- [WHAT IS REQUIRED]:
Copy every line from the data below in which the string "linetype" can be found.

- [MATERIAL SHOWN]:
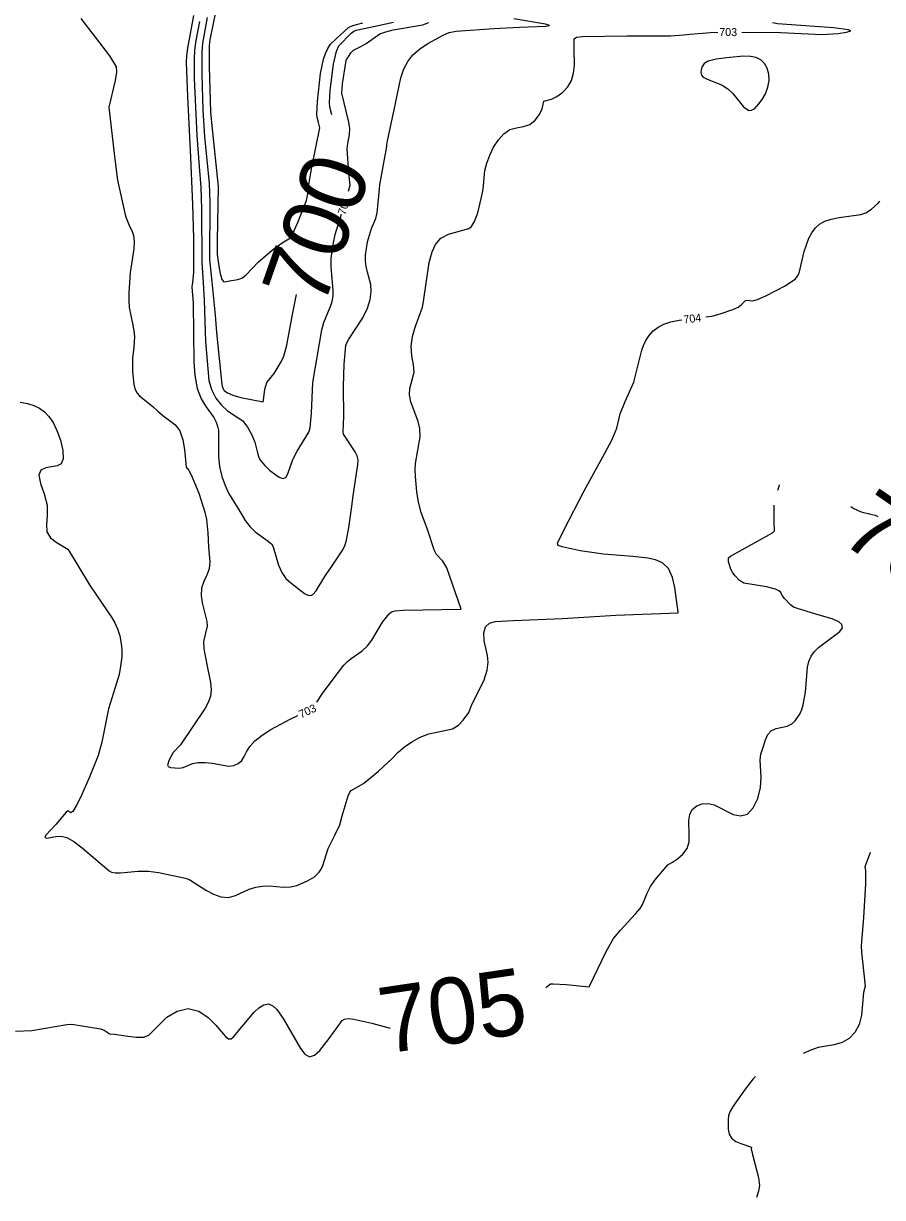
# Model space of a CAD drawing. Extents: x -291892836 to 2945206, y -477993085 to 1832792.
# Drawn here: x 1853557 to 1853987, y 544335 to 544921 of the extents above; entities that cross this region are included whole.
import ezdxf

# ---------------------------------------------------------------- set-up
doc = ezdxf.new("R2010")
doc.units = 0
for name, color, linetype in [('DT_X_Contour_Minor', 7, 'Continuous'), ('DT_X_Terrain_Ground_Line', 7, 'Continuous'), ('Level 19', 7, 'Continuous')]:
    doc.layers.add(name, color=color, linetype=linetype)

msp = doc.modelspace()

# ---------------------------------------------------------------- linework, layer by layer
at = {"layer": 'DT_X_Contour_Minor'}
for points in [[(1853585.96, 544923.91), (1853600.19, 544905.28), (1853603.63, 544899.82), (1853603.71, 544897.14), (1853603.01, 544892.88), (1853599.97, 544879.67), (1853602.72, 544854.89), (1853604.29, 544843.16), (1853608.28, 544825.1), (1853610.33, 544820.16), (1853611.4, 544817.92), (1853612.25, 544815.46), (1853612.64, 544812.49), (1853612.39, 544808.81), (1853610.66, 544796.97), (1853610, 544786.83), (1853609.92, 544783.29), (1853610.17, 544779.51), (1853611.75, 544771.47), (1853612.45, 544767.83), (1853612.71, 544764.81), (1853612.34, 544759.71), (1853611.83, 544754.16), (1853611.73, 544747.54), (1853612.39, 544741.05), (1853613.07, 544738.6), (1853614.01, 544736.74), (1853615.21, 544735.35), (1853622.15, 544729.95), (1853624.37, 544727.73), (1853626.98, 544725.5), (1853632.99, 544721.05), (1853633.91, 544719.84)], [(1853642.34, 544925.33), (1853639.2, 544909.11), (1853638.71, 544905.29), (1853638.6, 544901.98), (1853639.34, 544884.86), (1853640.71, 544854.54), (1853641.8, 544831.05), (1853642.2, 544814.23), (1853642.31, 544797.24), (1853641.82, 544792.08), (1853641.36, 544789.86), (1853642.15, 544781.74), (1853642.44, 544752.42), (1853642.98, 544745.62), (1853644.15, 544739.08), (1853646.11, 544733.94), (1853648.46, 544730.07), (1853652.4, 544724.48), (1853653.57, 544722.24), (1853654.3, 544720.22), (1853654.68, 544718.3), (1853654.77, 544713.26), (1853654.8, 544704.9), (1853655.34, 544700), (1853656.5, 544695.1), (1853658.08, 544690.56), (1853659.8, 544686.75), (1853663.03, 544681.5), (1853666.22, 544676.23), (1853668.08, 544673.1), (1853670.37, 544670.06), (1853673.17, 544667.38), (1853678.45, 544663.59), (1853681.24, 544661.52), (1853682.02, 544659.9), (1853684.7, 544650.75), (1853686.36, 544647.06), (1853687.06, 544646.11)], [(1853649.17, 544924.37), (1853646.8, 544911.58), (1853646.44, 544907.11), (1853646.36, 544895.69), (1853646.98, 544878.04), (1853647.82, 544865.03), (1853650.15, 544841.42), (1853650.38, 544832.08), (1853650.34, 544803.47), (1853651.42, 544792.36), (1853653.16, 544775.72), (1853653.71, 544767.02), (1853656.39, 544741.1), (1853656.82, 544739.49), (1853657.63, 544738.12), (1853659.19, 544736.86), (1853661.91, 544735.68), (1853665.94, 544734.59), (1853677.1, 544732.4), (1853677.24, 544733.27), (1853678, 544738.78), (1853678.95, 544742.01), (1853682.56, 544746.61), (1853686.15, 544752.45), (1853687.37, 544755.19), (1853688.9, 544760.64), (1853691.63, 544775.14), (1853693.7, 544786.01)], [(1853653.38, 544927.84), (1853650.47, 544913.18), (1853650.14, 544910.21), (1853650.11, 544899.8), (1853650.68, 544877.35), (1853651.38, 544870.27), (1853654.61, 544839.99), (1853654.13, 544812.84), (1853654.14, 544805.94), (1853654.85, 544800.17), (1853655.51, 544796.44), (1853656.36, 544793.56), (1853657.39, 544792.38), (1853658.66, 544792.43), (1853660.27, 544792.88), (1853664.37, 544793.44), (1853666.47, 544794.17), (1853668.37, 544795.64), (1853674.77, 544802.39), (1853682.58, 544808.93), (1853686.54, 544811.87), (1853690.72, 544814.35), (1853691.62, 544815.77), (1853694.44, 544822.07), (1853698.7, 544833.04), (1853699.46, 544836.24), (1853699.75, 544839.97), (1853701.47, 544849.64), (1853705.39, 544869.24), (1853704.84, 544871.98), (1853704.15, 544874.47), (1853703.98, 544876.07), (1853704.28, 544882.49), (1853705.78, 544896.38), (1853707.19, 544903.57), (1853708.21, 544906.48), (1853709.44, 544908.96), (1853710.84, 544911.01), (1853713.92, 544914.01), (1853717.83, 544917.62), (1853719.76, 544919.37), (1853721.97, 544920.46), (1853726.92, 544921.78)], [(1853735.2, 544838.78), (1853735.39, 544840.73), (1853737.42, 544851.86), (1853738.94, 544859.98), (1853738.85, 544860.72), (1853739.21, 544862.74), (1853742.62, 544878.24), (1853745.92, 544894.2), (1853747.44, 544898.69), (1853749.41, 544902.49), (1853751.99, 544905.7), (1853755.33, 544908.61), (1853759.47, 544911.42), (1853767.51, 544915.82), (1853770.11, 544916.9), (1853773.58, 544917.58), (1853792.47, 544918.97), (1853805.19, 544919.58), (1853818.36, 544920.04), (1853820.21, 544920.43), (1853818.33, 544921.03), (1853802.45, 544923.79)], [(1853645.28, 544922.46), (1853643.47, 544912.94), (1853642.82, 544908.11), (1853642.51, 544903.46), (1853642.61, 544894.01), (1853643.92, 544865.38), (1853645.12, 544849.95), (1853645.85, 544839.63), (1853646.19, 544828.58), (1853646.4, 544801.97), (1853647.02, 544791.92), (1853647.66, 544783.13), (1853648.18, 544762.54), (1853649.89, 544743.12), (1853651.19, 544738.49), (1853653.43, 544734.25), (1853656.29, 544730.66), (1853659.26, 544727.97), (1853666.85, 544722.85), (1853669.25, 544719.73), (1853671.39, 544715.96), (1853672.98, 544712.28)], [(1853711.42, 544875.75), (1853710.41, 544879.69), (1853710.25, 544881.87), (1853710.61, 544887.94), (1853712.33, 544901.05), (1853713.68, 544907.55), (1853715, 544910.23), (1853721.17, 544916.54), (1853722.41, 544917.65), (1853723.56, 544918.06), (1853730.77, 544919.63), (1853742.29, 544922.12)], [(1853719.72, 544837.68), (1853720.62, 544840.67), (1853719.94, 544846.78), (1853719.1, 544858.84), (1853719.51, 544861.44), (1853720.33, 544865.91), (1853720.36, 544868.89), (1853719.88, 544872.12), (1853716.37, 544886.68), (1853716.81, 544891.26), (1853718.58, 544902.87), (1853719.36, 544904.68), (1853719.7, 544904.81), (1853720.93, 544906.75), (1853722.19, 544908.03), (1853726.34, 544910.17), (1853728.66, 544911.39), (1853735.41, 544916.19), (1853738.37, 544917.32), (1853742.07, 544918.17), (1853756.98, 544920.76), (1853759.99, 544921.85)], [(1853916.39, 544917.08), (1853935.73, 544916.91), (1853956.45, 544915.92), (1853964.64, 544916.5), (1853968.83, 544917.05), (1853970.92, 544917.67), (1853969.73, 544918.26), (1853962.31, 544919.19), (1853934.33, 544921.21), (1853931.78, 544921.73)], [(1853832.66, 544908.76), (1853832.66, 544908.78), (1853832.63, 544913.79), (1853833.75, 544914.64), (1853836.73, 544914.94), (1853858.95, 544915.22), (1853870.34, 544915.22), (1853880.74, 544915.28), (1853887.25, 544915.76)], [(1853887.25, 544915.76), (1853890.61, 544916.01), (1853900.78, 544917), (1853904.39, 544917.06)], [(1853703.92, 544582.31), (1853706.69, 544586.74), (1853712.55, 544594.55), (1853717.49, 544600.76), (1853719.23, 544602.62), (1853721.17, 544604.21), (1853726.56, 544608.04), (1853729.23, 544610.5), (1853731.36, 544613.38), (1853736.78, 544622.35), (1853740.11, 544626.44), (1853741.22, 544627.5), (1853743.1, 544628.02), (1853747.2, 544628.24), (1853776.16, 544628.74), (1853768.87, 544649.51), (1853766.86, 544652.7), (1853763.71, 544656.1), (1853762.63, 544658.46), (1853759.33, 544668.61), (1853756.06, 544677.05), (1853754.83, 544682.2), (1853753.92, 544687.41), (1853753.19, 544695.01), (1853753.12, 544698.63), (1853753.34, 544701.54), (1853755.52, 544714.98), (1853755.43, 544719.01), (1853754.63, 544722.52), (1853750.96, 544732.38), (1853750.34, 544735.85), (1853750.39, 544739.02), (1853752.6, 544747.15), (1853752.21, 544750.91), (1853751.47, 544755.34), (1853751.16, 544760.16), (1853751.83, 544765.06), (1853753.14, 544769.64), (1853756.74, 544779.67), (1853757.24, 544782.56), (1853760.1, 544801.97), (1853761.55, 544807.36), (1853763.21, 544810.96), (1853765.92, 544814.1), (1853769.77, 544816.11), (1853780, 544819), (1853781.29, 544820.04), (1853782.75, 544822.49), (1853784.37, 544826.87), (1853786.35, 544834.68), (1853787.05, 544838.67), (1853787.94, 544848.01), (1853788.89, 544851.62), (1853790.38, 544855.58), (1853792.33, 544859.56), (1853794.69, 544863.24), (1853797.42, 544866.3), (1853800.48, 544868.38), (1853803.82, 544869.36), (1853807.21, 544869.93), (1853810.4, 544870.99), (1853813.13, 544873.17), (1853815.25, 544875.99), (1853816.61, 544878.7), (1853817.46, 544882.57), (1853821.26, 544883.54), (1853823.94, 544884.94), (1853826.87, 544887.08), (1853829.45, 544889.8), (1853831.22, 544892.98), (1853832.24, 544896.57), (1853832.7, 544900.55), (1853832.66, 544908.76)], [(1853920, 544877.91), (1853921.31, 544878.1), (1853922.75, 544878.85), (1853924.94, 544881.23), (1853926.56, 544883.47), (1853928.22, 544886.31), (1853929.51, 544889.53), (1853930.08, 544892.9), (1853929.94, 544896.18), (1853929.17, 544899.11), (1853927.83, 544901.5), (1853925.96, 544903.28), (1853923.58, 544904.43), (1853920.71, 544904.98), (1853917.45, 544905.05), (1853910.21, 544904.45), (1853903.61, 544903.52), (1853899.64, 544902.57), (1853897.62, 544901.39), (1853896.51, 544899.56), (1853896.1, 544898.3), (1853895.94, 544896.93), (1853896.24, 544895.65), (1853897.15, 544894.59), (1853898.71, 544893.7), (1853906.53, 544890.65), (1853909.39, 544888.85), (1853911.89, 544886.39), (1853917.33, 544879.7), (1853920, 544877.91)], [(1853710.88, 544649.44), (1853716.68, 544658.01), (1853717.92, 544660.52), (1853718.81, 544663.32), (1853719.99, 544669.65), (1853721.39, 544680.09), (1853721.87, 544684.21), (1853724.51, 544701.04), (1853724.59, 544703.39), (1853724.14, 544705.34), (1853723.13, 544707.33), (1853717.24, 544716.27), (1853717.04, 544717.6), (1853717.44, 544724.96), (1853717.21, 544740.07), (1853717.61, 544751.21), (1853718.43, 544760.46), (1853718.77, 544761.58), (1853720, 544763.66), (1853726.86, 544774.42), (1853729.25, 544779.21), (1853730.63, 544783.6), (1853731.09, 544787.52), (1853730.86, 544791.03), (1853729.31, 544797.15), (1853728.59, 544799.96), (1853728.24, 544802.75), (1853728.28, 544805.65), (1853729.33, 544812.28), (1853731.26, 544818.91), (1853733.35, 544823.95), (1853734.1, 544826.86), (1853734.86, 544835.37), (1853735.2, 544838.78)], [(1853898.39, 544774.81), (1853901.4, 544775.15), (1853905.6, 544776.28), (1853911.91, 544778.52), (1853914.58, 544779.76), (1853916.17, 544780.86), (1853918.21, 544782.95), (1853919, 544783.16), (1853921.84, 544782.77), (1853924.35, 544783.49), (1853928.44, 544785.31), (1853937.78, 544790.24), (1853943.12, 544793.69), (1853944.36, 544795.1), (1853945.05, 544796.67), (1853947.62, 544807.5), (1853950.02, 544814.11), (1853951.47, 544816.9), (1853953.21, 544819.27), (1853955.32, 544821.16), (1853957.93, 544822.63), (1853961.18, 544823.73), (1853965.09, 544824.53), (1853975.87, 544825.95), (1853978.44, 544826.8), (1853981.23, 544828.57), (1853984.59, 544831.57), (1853985.47, 544832.57)], [(1853672.98, 544712.28), (1853674.24, 544706.96), (1853674.74, 544705), (1853675.65, 544703.26), (1853677.94, 544700.5), (1853680.22, 544698.21), (1853683.46, 544695.88), (1853685.12, 544694.79), (1853686.85, 544694.1), (1853688.35, 544694.51), (1853689.45, 544696.49), (1853691.94, 544703.62), (1853694.08, 544707.7), (1853699.92, 544717.16), (1853700.61, 544719.42), (1853701.23, 544726.7), (1853701.9, 544741.99), (1853706.49, 544768.37), (1853707.38, 544772.04), (1853709.73, 544777.66), (1853710.83, 544780.05), (1853711.63, 544782.47), (1853712.07, 544785.11), (1853712.12, 544788.17), (1853711.08, 544799.88), (1853711.16, 544803.94), (1853712.06, 544811.04), (1853713.16, 544815.94), (1853716.25, 544826.19)], [(1853676.74, 544490.48), (1853680.18, 544490.52), (1853687.27, 544489.95), (1853690.7, 544490.03), (1853693.9, 544490.71), (1853699.2, 544493.01), (1853702.69, 544495.07), (1853705.12, 544497.33), (1853706.12, 544498.85), (1853706.98, 544500.78), (1853709.64, 544509.21), (1853712.93, 544515.92), (1853715.37, 544520.98), (1853716.66, 544525.51), (1853719.59, 544535.52), (1853720.35, 544537.35), (1853721.03, 544538.24), (1853727.2, 544541.75), (1853734.83, 544547.82), (1853741.83, 544554.42), (1853744.66, 544557.27), (1853747.7, 544559.95), (1853751.37, 544562.54), (1853755.52, 544564.81), (1853759.86, 544566.45), (1853771.73, 544569.02), (1853774.77, 544570.92), (1853777.18, 544573.29), (1853779.93, 544577.16), (1853780.78, 544579.4), (1853781.25, 544580.73), (1853787.54, 544593.52), (1853789.18, 544598.32), (1853789.64, 544602.26), (1853789.21, 544605.67), (1853787.67, 544613.06), (1853787.49, 544616.92), (1853788.28, 544620.01), (1853790.28, 544621.81), (1853793.09, 544622.6), (1853802.08, 544623.12), (1853826.73, 544624.12), (1853853.37, 544625.76), (1853884.53, 544627.04), (1853884.65, 544627.35), (1853882.94, 544639.65), (1853881.73, 544644.67), (1853879.74, 544649.04), (1853876.82, 544651.91), (1853873.26, 544653.51), (1853869.5, 544654.35), (1853861.99, 544655.17), (1853847.28, 544656.3), (1853835.64, 544657.96), (1853826.59, 544659.88), (1853824.61, 544660.61), (1853824.33, 544661.78), (1853827.45, 544668.3), (1853837.54, 544687.9), (1853847.96, 544706.73), (1853851.47, 544713.32), (1853853.92, 544719.23), (1853855.54, 544726.38), (1853858.04, 544732.53), (1853862.51, 544742.2), (1853865.18, 544752.95), (1853866.48, 544758.23), (1853867.3, 544760.49), (1853868.49, 544762.96), (1853870.09, 544765.49), (1853872.1, 544767.81), (1853874.54, 544769.71), (1853877.48, 544771.2), (1853880.98, 544772.33), (1853885.04, 544773.17), (1853886.47, 544773.36)], [(1853555.57, 544732.16), (1853559.22, 544731.56), (1853562.44, 544730.58), (1853565.24, 544729.2), (1853567.72, 544727.39), (1853569.99, 544725.1), (1853572.06, 544722.11), (1853573.98, 544718.15), (1853575.69, 544713.19), (1853576.88, 544708.08), (1853577.13, 544703.91), (1853576.16, 544701.48), (1853574.17, 544700.38), (1853568.44, 544699.43), (1853565.93, 544698.25), (1853564.85, 544695.78), (1853565.74, 544691.62), (1853567.6, 544686.35), (1853569.06, 544680.8), (1853569.17, 544675.65), (1853568.73, 544671.15), (1853568.99, 544667.4), (1853570.82, 544664.48), (1853573.53, 544662.33), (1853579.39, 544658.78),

- [WRITTEN RESPONSE]:
for name, color, linetype in [('DT_X_Contour_Minor', 7, 'Continuous'), ('DT_X_Terrain_Ground_Line', 7, 'Continuous'), ('Level 19', 7, 'Continuous')]:
    doc.layers.add(name, color=color, linetype=linetype)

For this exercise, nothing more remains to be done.